● **WHAT TO DO**:
Look through the records below, and whenever a line contains "outer", copy it.

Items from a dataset
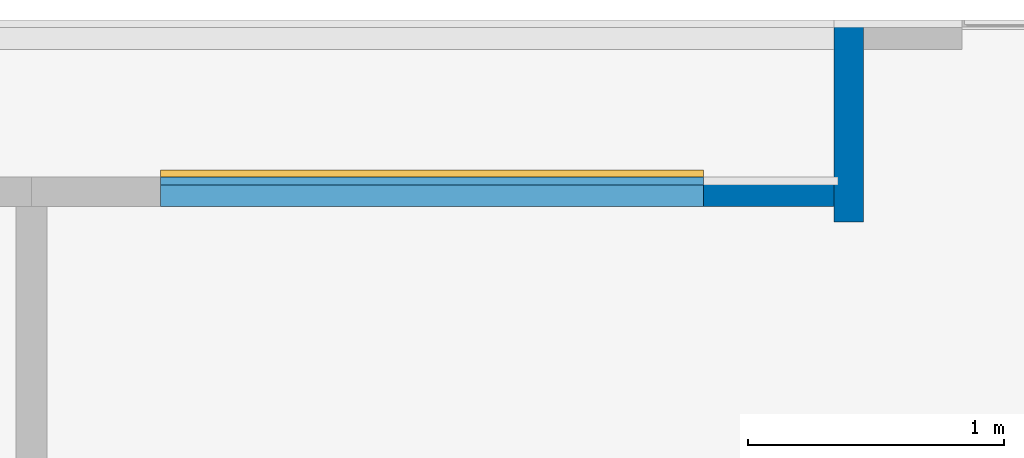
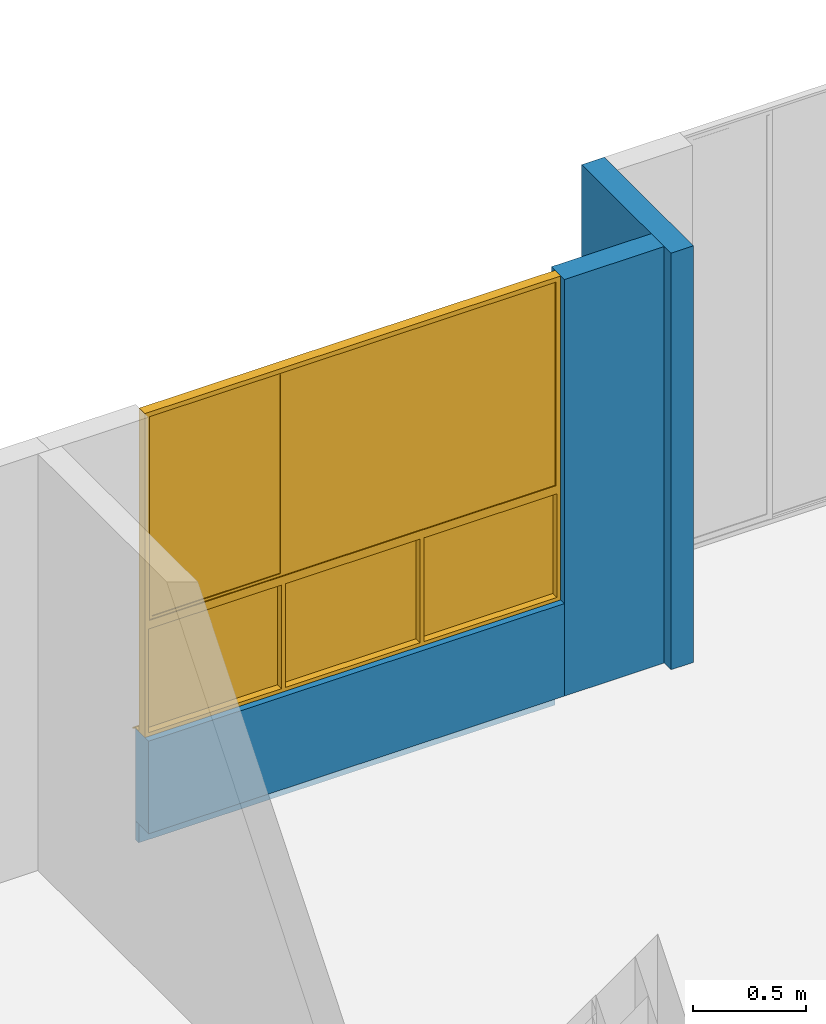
# One storey, part 24 of 51: 4 walls, 1 window, 1 opening.
"""IFC4 building model written with IfcOpenShell, lengths in metres."""

import ifcopenshell
import ifcopenshell.guid

model = None  # the IFC model being written
_history = None  # IfcOwnerHistory: only IFC2X3 demands one
_inside = {}  # id of a spatial element -> (the spatial element, [elements in it])
_under = {}  # id of a project, library or spatial element -> (it, [spatial elements below it])
_declared = {}  # id of a project -> (the project, [libraries it declares])
_typed = {}  # id of a type object -> (the type object, [elements of that type])
_made_of = {}  # id of a material, layer set ... -> (it, [elements and type objects made of it])


def new_model(schema):
    """Start an empty IFC model of exactly this schema.

    Asked for "IFC4X3", IfcOpenShell would pick the latest addendum, in which some entities
    have other attributes; the version numbers below select the first issue.
    IFC2X3 requires an IfcOwnerHistory on every rooted entity: one is made here for all.
    """
    global model, _history
    if schema == "IFC4X3":
        model = ifcopenshell.file(schema_version=(4, 3, 0, 0))
    else:
        model = ifcopenshell.file(schema=schema)
    _inside.clear()
    _under.clear()
    _declared.clear()
    _typed.clear()
    _made_of.clear()
    _history = None
    if model.schema == "IFC2X3":
        org = make("IfcOrganization", Name="unknown")
        user = make(
            "IfcPersonAndOrganization",
            ThePerson=make("IfcPerson", FamilyName="unknown"),
            TheOrganization=org,
        )
        app = make(
            "IfcApplication",
            ApplicationDeveloper=org,
            Version="unknown",
            ApplicationFullName="unknown",
            ApplicationIdentifier="unknown",
        )
        _history = make(
            "IfcOwnerHistory",
            OwningUser=user,
            OwningApplication=app,
            ChangeAction="ADDED",
            CreationDate=0,
        )
    return model


def make(cls, **values):
    """One entity of the class cls with the attributes given. An attribute that is None is left unset."""
    return model.create_entity(
        cls, **{name: value for name, value in values.items() if value is not None}
    )


def entity(cls, *values):
    """Any entity or typed value of the class cls, its attributes in the order of the schema. None: left unset."""
    e = model.create_entity(cls)
    for i, value in enumerate(values):
        if value is not None:
            e[i] = value
    return e


def rooted(cls, **values):
    """An entity with a GlobalId (a new one), such as an element, a storey or a relation."""
    return make(cls, GlobalId=ifcopenshell.guid.new(), OwnerHistory=_history, **values)


def si_unit(unit_type, name, prefix=None):
    """IfcSIUnit, for example si_unit("LENGTHUNIT", "METRE", prefix="MILLI")."""
    return make("IfcSIUnit", UnitType=unit_type, Prefix=prefix, Name=name)


def converted_unit(unit_type, name, factor, base, dimensions=None, offset=None):
    """IfcConversionBasedUnit, such as the inch: factor (a typed value) times the base unit."""
    return make(
        "IfcConversionBasedUnit"
        if offset is None
        else "IfcConversionBasedUnitWithOffset",
        ConversionOffset=offset,
        Dimensions=None
        if dimensions is None
        else entity("IfcDimensionalExponents", *dimensions),
        UnitType=unit_type,
        Name=name,
        ConversionFactor=make(
            "IfcMeasureWithUnit", ValueComponent=factor, UnitComponent=base
        ),
    )


def derived_unit(unit_type, elements):
    """IfcDerivedUnit: a product of units, each with its exponent."""
    return make(
        "IfcDerivedUnit",
        Elements=[
            make("IfcDerivedUnitElement", Unit=unit, Exponent=power)
            for unit, power in elements
        ],
        UnitType=unit_type,
    )


def assignment(units):
    """IfcUnitAssignment: the units of a project."""
    return None if units is None else make("IfcUnitAssignment", Units=units)


def point(xyz):
    """IfcCartesianPoint."""
    return None if xyz is None else make("IfcCartesianPoint", Coordinates=xyz)


def direction(xyz):
    """IfcDirection."""
    return None if xyz is None else make("IfcDirection", DirectionRatios=xyz)


def frame(location, z_axis=None, x_axis=None):
    """IfcAxis2Placement3D, a coordinate frame: its origin and axes. An axis left out is left unset."""
    return make(
        "IfcAxis2Placement3D",
        Location=point(location),
        Axis=direction(z_axis),
        RefDirection=direction(x_axis),
    )


def origin():
    """The frame at (0, 0, 0) with its axes left unset."""
    return frame((0.0, 0.0, 0.0))


def place(relative_to, where):
    """IfcLocalPlacement: puts the frame where relative to a parent placement (None: the world)."""
    return make(
        "IfcLocalPlacement", PlacementRelTo=relative_to, RelativePlacement=where
    )


def context(
    kind, dimensions, precision=None, world=None, true_north=None, identifier=None
):
    """IfcGeometricRepresentationContext, for example the 3D "Model" context."""
    return make(
        "IfcGeometricRepresentationContext",
        ContextIdentifier=identifier,
        ContextType=kind,
        CoordinateSpaceDimension=dimensions,
        Precision=precision,
        WorldCoordinateSystem=world,
        TrueNorth=true_north,
    )


def subcontext(parent, identifier, kind, view, scale=None):
    """IfcGeometricRepresentationSubContext, for example "Body" below "Model"."""
    return make(
        "IfcGeometricRepresentationSubContext",
        ContextIdentifier=identifier,
        ContextType=kind,
        ParentContext=parent,
        TargetScale=scale,
        TargetView=view,
    )


def project(units=None, contexts=None):
    """IfcProject with its units and contexts."""
    return rooted(
        "IfcProject",
        Name="project",
        RepresentationContexts=contexts,
        UnitsInContext=assignment(units),
    )


def spatial(cls, under=None, at=None, **own):
    """A site, building, storey or space (cls), placed at a placement, below another one or the project."""
    s = rooted(cls, ObjectPlacement=at, **own)
    if under is not None:
        _under.setdefault(under.id(), (under, []))[1].append(s)
    return s


def point_list(points):
    """IfcCartesianPointList2D or 3D."""
    cls = (
        "IfcCartesianPointList2D" if len(points[0]) == 2 else "IfcCartesianPointList3D"
    )
    return make(cls, CoordList=points)


def indexed_curve(points, segments=None, self_intersect=None):
    """IfcIndexedPolyCurve: lines and arcs through numbered points (the first is 1)."""
    return make(
        "IfcIndexedPolyCurve",
        Points=point_list(points),
        Segments=segments,
        SelfIntersect=self_intersect,
    )


def outline(outer, holes=None, kind="AREA"):
    """IfcArbitraryClosedProfileDef: a profile drawn as a closed curve; with holes, ...WithVoids."""
    if holes is None:
        return make("IfcArbitraryClosedProfileDef", ProfileType=kind, OuterCurve=outer)
    return make(
        "IfcArbitraryProfileDefWithVoids",
        ProfileType=kind,
        OuterCurve=outer,
        InnerCurves=holes,
    )


def extrude(swept, where, along, depth):
    """IfcExtrudedAreaSolid: the profile swept, set in the frame where, extruded along a direction by depth."""
    return make(
        "IfcExtrudedAreaSolid",
        SweptArea=swept,
        Position=where,
        ExtrudedDirection=direction(along),
        Depth=depth,
    )


def polygons(points, faces, closed=None, point_numbers=None):
    """IfcPolygonalFaceSet: a face is its outer loop, then its inner loops; points numbered from 1."""
    made = []
    for loops in faces:
        if len(loops) == 1:
            made.append(make("IfcIndexedPolygonalFace", CoordIndex=loops[0]))
        else:
            made.append(
                make(
                    "IfcIndexedPolygonalFaceWithVoids",
                    CoordIndex=loops[0],
                    InnerCoordIndices=loops[1:],
                )
            )
    return make(
        "IfcPolygonalFaceSet",
        Coordinates=point_list(points),
        Closed=closed,
        Faces=made,
        PnIndex=point_numbers,
    )


def shape(context_of_items, identifier, shape_type, items):
    """IfcShapeRepresentation: the items that make up one representation, for example the "Body"."""
    return make(
        "IfcShapeRepresentation",
        ContextOfItems=context_of_items,
        RepresentationIdentifier=identifier,
        RepresentationType=shape_type,
        Items=items,
    )


def source(mapping_origin, context_of_items, identifier, shape_type, items):
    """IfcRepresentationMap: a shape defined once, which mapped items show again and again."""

● **YOUR SOLUTION**:
def outline(outer, holes=None, kind="AREA"):
        return make("IfcArbitraryClosedProfileDef", ProfileType=kind, OuterCurve=outer)
        OuterCurve=outer,
    """IfcPolygonalFaceSet: a face is its outer loop, then its inner loops; points numbered from 1."""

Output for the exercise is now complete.